- Directed by: Dasari Narayana Rao
- Written by: Dasari Narayana Rao Rahi Masoom Reza (dialogues)
- Based on: MLA Yedukondalu by Dasari Narayana Rao
- Produced by: Kranthi Kumar
- Starring: Rajesh Khanna Shabana Azmi Shatrughan Sinha
- Cinematography: K. S. Hari
- Edited by: B. Krishnam Raju
- Music by: Bappi Lahiri
- Production company: Sri Annapurna International
- Release date: 23 March 1984;
- Country: India
- Language: Hindi

= Aaj Ka M.L.A. Ram Avtar =

1984 film by Dasari Narayana Rao

Aaj Kaa M.L.A Ram Avtar ( Today's MLA Ram Avtar) is a 1984 political satire film starring Rajesh Khanna.
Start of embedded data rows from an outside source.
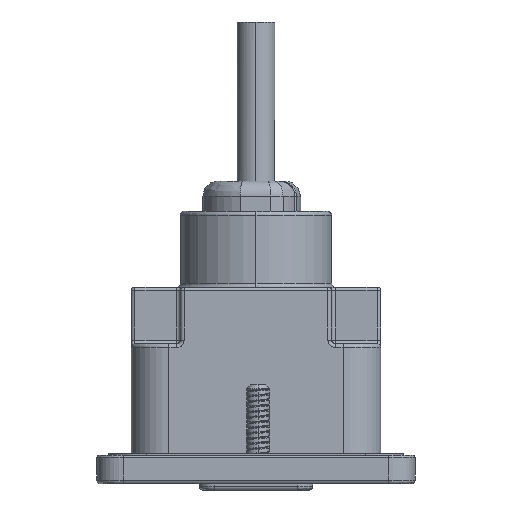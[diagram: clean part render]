
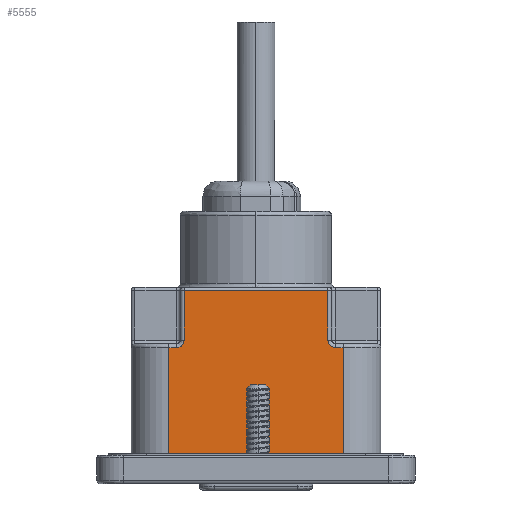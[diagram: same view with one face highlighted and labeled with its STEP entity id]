
A CAD part, left-side view. The second image highlights one B-rep face of the part: STEP entity #5555.
In plain terms, the highlighted planar face has unit normal (-1, 0, 0).
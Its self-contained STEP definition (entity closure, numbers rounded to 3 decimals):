
#529 = ORIENTED_EDGE ( 'NONE', *, *, #5827, .F. ) ;
#1861 = CARTESIAN_POINT ( 'NONE',  ( -40.5, -11.5, 17. ) ) ;
#2410 = DIRECTION ( 'NONE',  ( 1., 0., 0. ) ) ;
#2436 = LINE ( 'NONE', #9163, #9466 ) ;
#2610 = CARTESIAN_POINT ( 'NONE',  ( -40.5, -11.5, 17. ) ) ;
#2822 = LINE ( 'NONE', #24928, #8196 ) ;
#3033 = DIRECTION ( 'NONE',  ( 0., 0., 1. ) ) ;
#4641 = LINE ( 'NONE', #2610, #23248 ) ;
#4709 = LINE ( 'NONE', #5697, #17084 ) ;
#4878 = CARTESIAN_POINT ( 'NONE',  ( -40.5, 9.5, 17.414 ) ) ;
#5461 = CARTESIAN_POINT ( 'NONE',  ( -40.5, 10.5, 17. ) ) ;
#5555 = ADVANCED_FACE ( 'NONE', ( #23796 ), #34090, .F. ) ;
#5697 = CARTESIAN_POINT ( 'NONE',  ( -40.5, 9.5, 25. ) ) ;
#5827 = EDGE_CURVE ( 'NONE', #8302, #32974, #23363, .T. ) ;
#5975 = ORIENTED_EDGE ( 'NONE', *, *, #32920, .F. ) ;
#6514 = ORIENTED_EDGE ( 'NONE', *, *, #18380, .F. ) ;
#7164 = DIRECTION ( 'NONE',  ( 0., -1., 0. ) ) ;
#7522 = CARTESIAN_POINT ( 'NONE',  ( -40.5, 9.5, 18. ) ) ;
#7535 = EDGE_CURVE ( 'NONE', #15013, #20815, #25272, .T. ) ;
#8196 = VECTOR ( 'NONE', #9086, 1000. ) ;
#8302 = VERTEX_POINT ( 'NONE', #24486 ) ;
#9086 = DIRECTION ( 'NONE',  ( 0., 0., -1. ) ) ;
#9163 = CARTESIAN_POINT ( 'NONE',  ( -40.5, -19.5, 3. ) ) ;
#9407 = EDGE_CURVE ( 'NONE', #20815, #27711, #9747, .T. ) ;
#9466 = VECTOR ( 'NONE', #27657, 1000. ) ;
#9577 = CARTESIAN_POINT ( 'NONE',  ( -40.5, -11.5, 3. ) ) ;
#9747 = LINE ( 'NONE', #1861, #22976 ) ;
#10131 = DIRECTION ( 'NONE',  ( 0., -1., 0. ) ) ;
#10339 = VERTEX_POINT ( 'NONE', #9577 ) ;
#10796 = CARTESIAN_POINT ( 'NONE',  ( -40.5, 11.5, 17. ) ) ;
#11280 = VECTOR ( 'NONE', #10131, 1000. ) ;
#11986 = DIRECTION ( 'NONE',  ( 0., 0., 1. ) ) ;
#12745 = EDGE_CURVE ( 'NONE', #30247, #30141, #13835, .T. ) ;
#13835 =( BOUNDED_CURVE ( )  B_SPLINE_CURVE ( 3, ( #23366, #20716, #4878, #7522 ),
 .UNSPECIFIED., .F., .F. ) 
 B_SPLINE_CURVE_WITH_KNOTS ( ( 4, 4 ),
 ( 0., 1. ),
 .UNSPECIFIED. ) 
 CURVE ( )  GEOMETRIC_REPRESENTATION_ITEM ( )  RATIONAL_B_SPLINE_CURVE ( ( 1., 0.805, 0.805, 1. ) ) 
 REPRESENTATION_ITEM ( '' )  );
#14353 = VERTEX_POINT ( 'NONE', #33765 ) ;
#14393 = ORIENTED_EDGE ( 'NONE', *, *, #7535, .F. ) ;
#15013 = VERTEX_POINT ( 'NONE', #21476 ) ;
#15030 = CARTESIAN_POINT ( 'NONE',  ( -40.5, -9.914, 17. ) ) ;
#15043 = EDGE_LOOP ( 'NONE', ( #16605, #14393, #31243, #6514, #33767, #33084, #5975, #529, #15415, #19231 ) ) ;
#15256 = CARTESIAN_POINT ( 'NONE',  ( -40.5, 9.5, 18. ) ) ;
#15415 = ORIENTED_EDGE ( 'NONE', *, *, #21169, .F. ) ;
#16605 = ORIENTED_EDGE ( 'NONE', *, *, #9407, .F. ) ;
#17084 = VECTOR ( 'NONE', #3033, 1000. ) ;
#17432 = EDGE_CURVE ( 'NONE', #27643, #15013, #21290, .T. ) ;
#17694 = CARTESIAN_POINT ( 'NONE',  ( -40.5, -10.5, 17. ) ) ;
#18304 = DIRECTION ( 'NONE',  ( 0., -1., 0. ) ) ;
#18380 = EDGE_CURVE ( 'NONE', #14353, #27643, #32388, .T. ) ;
#19231 = ORIENTED_EDGE ( 'NONE', *, *, #29197, .F. ) ;
#20084 = CARTESIAN_POINT ( 'NONE',  ( -40.5, -9.5, 24.5 ) ) ;
#20716 = CARTESIAN_POINT ( 'NONE',  ( -40.5, 9.914, 17. ) ) ;
#20815 = VERTEX_POINT ( 'NONE', #28701 ) ;
#20927 = DIRECTION ( 'NONE',  ( 0., 0., -1. ) ) ;
#21169 = EDGE_CURVE ( 'NONE', #10339, #8302, #2436, .T. ) ;
#21290 = LINE ( 'NONE', #27084, #29125 ) ;
#21476 = CARTESIAN_POINT ( 'NONE',  ( -40.5, -9.5, 18. ) ) ;
#22638 = CARTESIAN_POINT ( 'NONE',  ( -40.5, 11.5, 25. ) ) ;
#22976 = VECTOR ( 'NONE', #7164, 1000. ) ;
#23248 = VECTOR ( 'NONE', #18304, 1000. ) ;
#23363 = LINE ( 'NONE', #22638, #29552 ) ;
#23366 = CARTESIAN_POINT ( 'NONE',  ( -40.5, 10.5, 17. ) ) ;
#23796 = FACE_OUTER_BOUND ( 'NONE', #15043, .T. ) ;
#24486 = CARTESIAN_POINT ( 'NONE',  ( -40.5, 11.5, 3. ) ) ;
#24928 = CARTESIAN_POINT ( 'NONE',  ( -40.5, -11.5, 25. ) ) ;
#25272 =( BOUNDED_CURVE ( )  B_SPLINE_CURVE ( 3, ( #28225, #30776, #15030, #17694 ),
 .UNSPECIFIED., .F., .F. ) 
 B_SPLINE_CURVE_WITH_KNOTS ( ( 4, 4 ),
 ( 0., 1. ),
 .UNSPECIFIED. ) 
 CURVE ( )  GEOMETRIC_REPRESENTATION_ITEM ( )  RATIONAL_B_SPLINE_CURVE ( ( 1., 0.805, 0.805, 1. ) ) 
 REPRESENTATION_ITEM ( '' )  );
#25592 = CARTESIAN_POINT ( 'NONE',  ( -40.5, -11.5, 17. ) ) ;
#27084 = CARTESIAN_POINT ( 'NONE',  ( -40.5, -9.5, 25. ) ) ;
#27643 = VERTEX_POINT ( 'NONE', #20084 ) ;
#27657 = DIRECTION ( 'NONE',  ( 0., 1., 0. ) ) ;
#27711 = VERTEX_POINT ( 'NONE', #25592 ) ;
#28225 = CARTESIAN_POINT ( 'NONE',  ( -40.5, -9.5, 18. ) ) ;
#28624 = CARTESIAN_POINT ( 'NONE',  ( -40.5, -11.5, 24.5 ) ) ;
#28701 = CARTESIAN_POINT ( 'NONE',  ( -40.5, -10.5, 17. ) ) ;
#28752 = CARTESIAN_POINT ( 'NONE',  ( -40.5, -11.5, 25. ) ) ;
#29125 = VECTOR ( 'NONE', #29716, 1000. ) ;
#29197 = EDGE_CURVE ( 'NONE', #27711, #10339, #2822, .T. ) ;
#29552 = VECTOR ( 'NONE', #11986, 1000. ) ;
#29716 = DIRECTION ( 'NONE',  ( 0., 0., -1. ) ) ;
#30141 = VERTEX_POINT ( 'NONE', #15256 ) ;
#30247 = VERTEX_POINT ( 'NONE', #5461 ) ;
#30776 = CARTESIAN_POINT ( 'NONE',  ( -40.5, -9.5, 17.414 ) ) ;
#31243 = ORIENTED_EDGE ( 'NONE', *, *, #17432, .F. ) ;
#31837 = EDGE_CURVE ( 'NONE', #30141, #14353, #4709, .T. ) ;
#32388 = LINE ( 'NONE', #28624, #11280 ) ;
#32920 = EDGE_CURVE ( 'NONE', #32974, #30247, #4641, .T. ) ;
#32937 = AXIS2_PLACEMENT_3D ( 'NONE', #28752, #2410, #20927 ) ;
#32974 = VERTEX_POINT ( 'NONE', #10796 ) ;
#33084 = ORIENTED_EDGE ( 'NONE', *, *, #12745, .F. ) ;
#33765 = CARTESIAN_POINT ( 'NONE',  ( -40.5, 9.5, 24.5 ) ) ;
#33767 = ORIENTED_EDGE ( 'NONE', *, *, #31837, .F. ) ;
#34090 = PLANE ( 'NONE',  #32937 ) ;
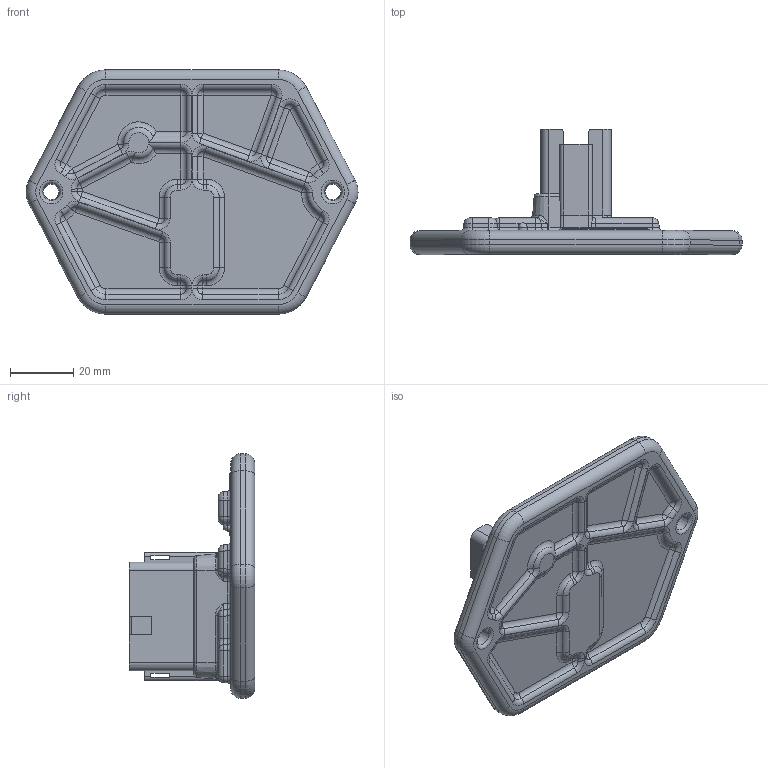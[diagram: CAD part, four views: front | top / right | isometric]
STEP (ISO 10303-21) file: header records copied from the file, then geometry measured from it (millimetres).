
FILE_DESCRIPTION (( 'STEP AP214' ), '1' );
FILE_NAME ('505004A.STEP', '2025-03-18T15:26:27', ( '' ), ( '' ), 'SwSTEP 2.0', 'SolidWorks 2024', '' );
FILE_SCHEMA (( 'AUTOMOTIVE_DESIGN' ));
Length unit declared in the file: millimetre
Products named in the file (7): 505004A; 13382PCBA; SC000353; PL000413-A-1; ATF15-12PA-MN-G; Overmold; MonoLED
Assembly tree (17 placements, depth 3):
  505004A
    13382PCBA
    MonoLED
    ATF15-12PA-MN-G
      PL000413-A-1
      SC000353  x12
    Overmold
Bounding box: 104.78 x 39.57 x 77.12 mm (x, y, z)
Volume: 57242.7 mm3; surface area: 50470 mm2
Topology: 16 solids, 16 shells, 2369 faces, 6335 edges, 3976 vertices
Faces by surface type: plane 1310, cylinder 565, bspline 278, torus 119, cone 55, sphere 42
Full cylindrical faces by diameter (mm): 1 x4, 1.58 x60, 2.6 x12, 2.9 x2, 3.2 x2, 3.76 x8
Entity records: 74096 total; most frequent: CARTESIAN_POINT 18823, ORIENTED_EDGE 11564, DIRECTION 10951, EDGE_CURVE 5782, LINE 4025, VECTOR 4025, VERTEX_POINT 3750, AXIS2_PLACEMENT_3D 3463
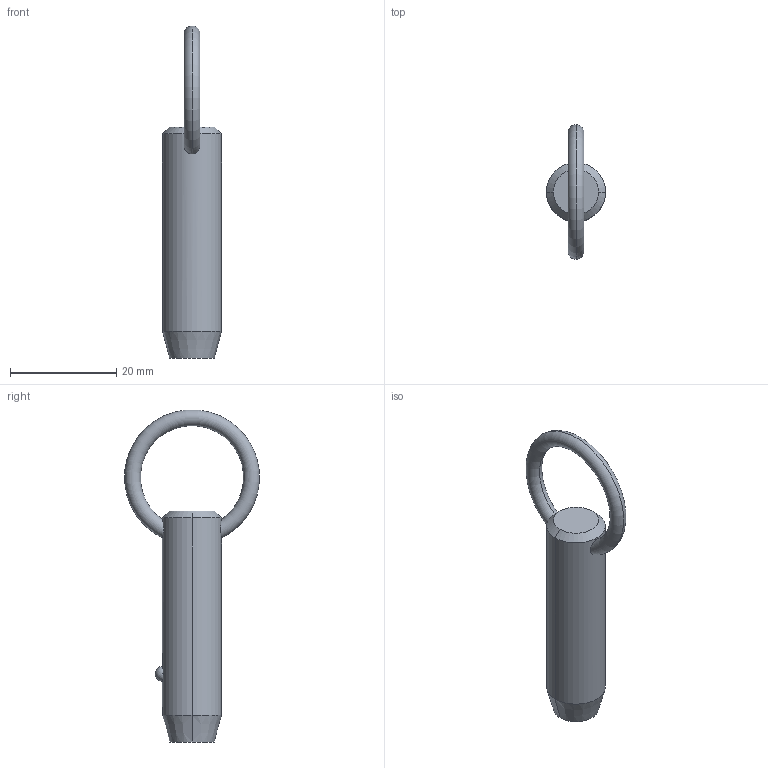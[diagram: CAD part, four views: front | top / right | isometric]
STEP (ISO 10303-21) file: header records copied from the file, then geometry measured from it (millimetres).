
FILE_DESCRIPTION (( 'STEP AP203' ), '1' );
FILE_NAME ('P1250.050-090.step', '2019-07-29T20:28:39', ( '' ), ( '' ), 'SwSTEP 2.0', 'SolidWorks 2017', '' );
FILE_SCHEMA (( 'CONFIG_CONTROL_DESIGN' ));
Length unit declared in the file: millimetre
Products named in the file (1): P1250.050-090
Bounding box: 11.1 x 25.32 x 62.45 mm (x, y, z)
Volume: 4492.2 mm3; surface area: 2169.6 mm2
Topology: 1 solids, 1 shells, 12 faces, 28 edges, 17 vertices
Faces by surface type: cone 4, torus 2, sphere 2, cylinder 2, plane 2
Entity records: 523 total; most frequent: CARTESIAN_POINT 190, DIRECTION 56, ORIENTED_EDGE 48, AXIS2_PLACEMENT_3D 25, EDGE_CURVE 24, VERTEX_POINT 15, EDGE_LOOP 15, FACE_OUTER_BOUND 12

It was a remake of 1983 Telugu language film MLA Yedukondalu. The film was appreciated by critics, especially Khanna's performance, but failed to impress the box-office.

==Plot==
Ram Avtar works as a widowed barber in a small village and lives with his second wife, Sushma, who looks after him and his kids. Ram Avtar also personally grooms Minister Digvijay Singh. When Digvijay's political party is in need of someone to stand in the forthcoming election, Digvijay recommends Ram Avtar as his choice. This chance is grabbed by Ram Avtar and he wins the elections and becomes a big politician. Sushma watches the changes in his life from the sidelines.

==Cast==
- Rajesh Khanna as Ram Avtar
- Shabana Azmi as Sushma
- Shatrughan Sinha as Kranti Kumar
- Asrani as Bhajanlal
- Satyen Kappu as Digvijay Singh
- A. K. Hangal as Balmukund Tripathi
- Madan Puri as Makhanlal Kesari
- Om Shivpuri as Gaurishankar
- Shubha Khote as Mrs. Bhajanlal
- Deven Verma as Digvijay's PA
- Huma Khan as Bhajanlal's Daughter
- Chitti Babu

==Soundtrack==
Lyrics: Indeevar

| Song | Singer |
|---|---|
| "Tirupati Balaji" | Kishore Kumar |
| "Shri Ram Avtar" | Kishore Kumar |
| "Tukur Tukur Dekha Karoon, Tukur Tukur Dekha Karoon" | Kishore Kumar, Asha Bhosle |
| "Jaago Re Jaago, Shuru Ho Gayi Hai Aaj Jung Hamari" | Mahendra Kapoor, Asha Bhosle |
| "Woh Jo Bichhde Hai" | Asha Bhosle |
| "Chalo Calcutta, Chalo Calcutta" | Bappi Lahiri, Sharon Prabhakar |

== Reception ==
The Hindu in its review of the film wrote on Rajesh Khanna's performance, "Like most of his works, it also keeps you engaged with its pulsating heart and potent dialogues. In his climactic speech, Ram Avtar brings out what ails Indian democracy. When he says that those who sell their votes are equally corrupt as those who buy them, it rings a bell. When he points out that Indian public usually claps for bombastic speeches and unrealistic promises, it seems he is addressing aaj ka (today's) voter.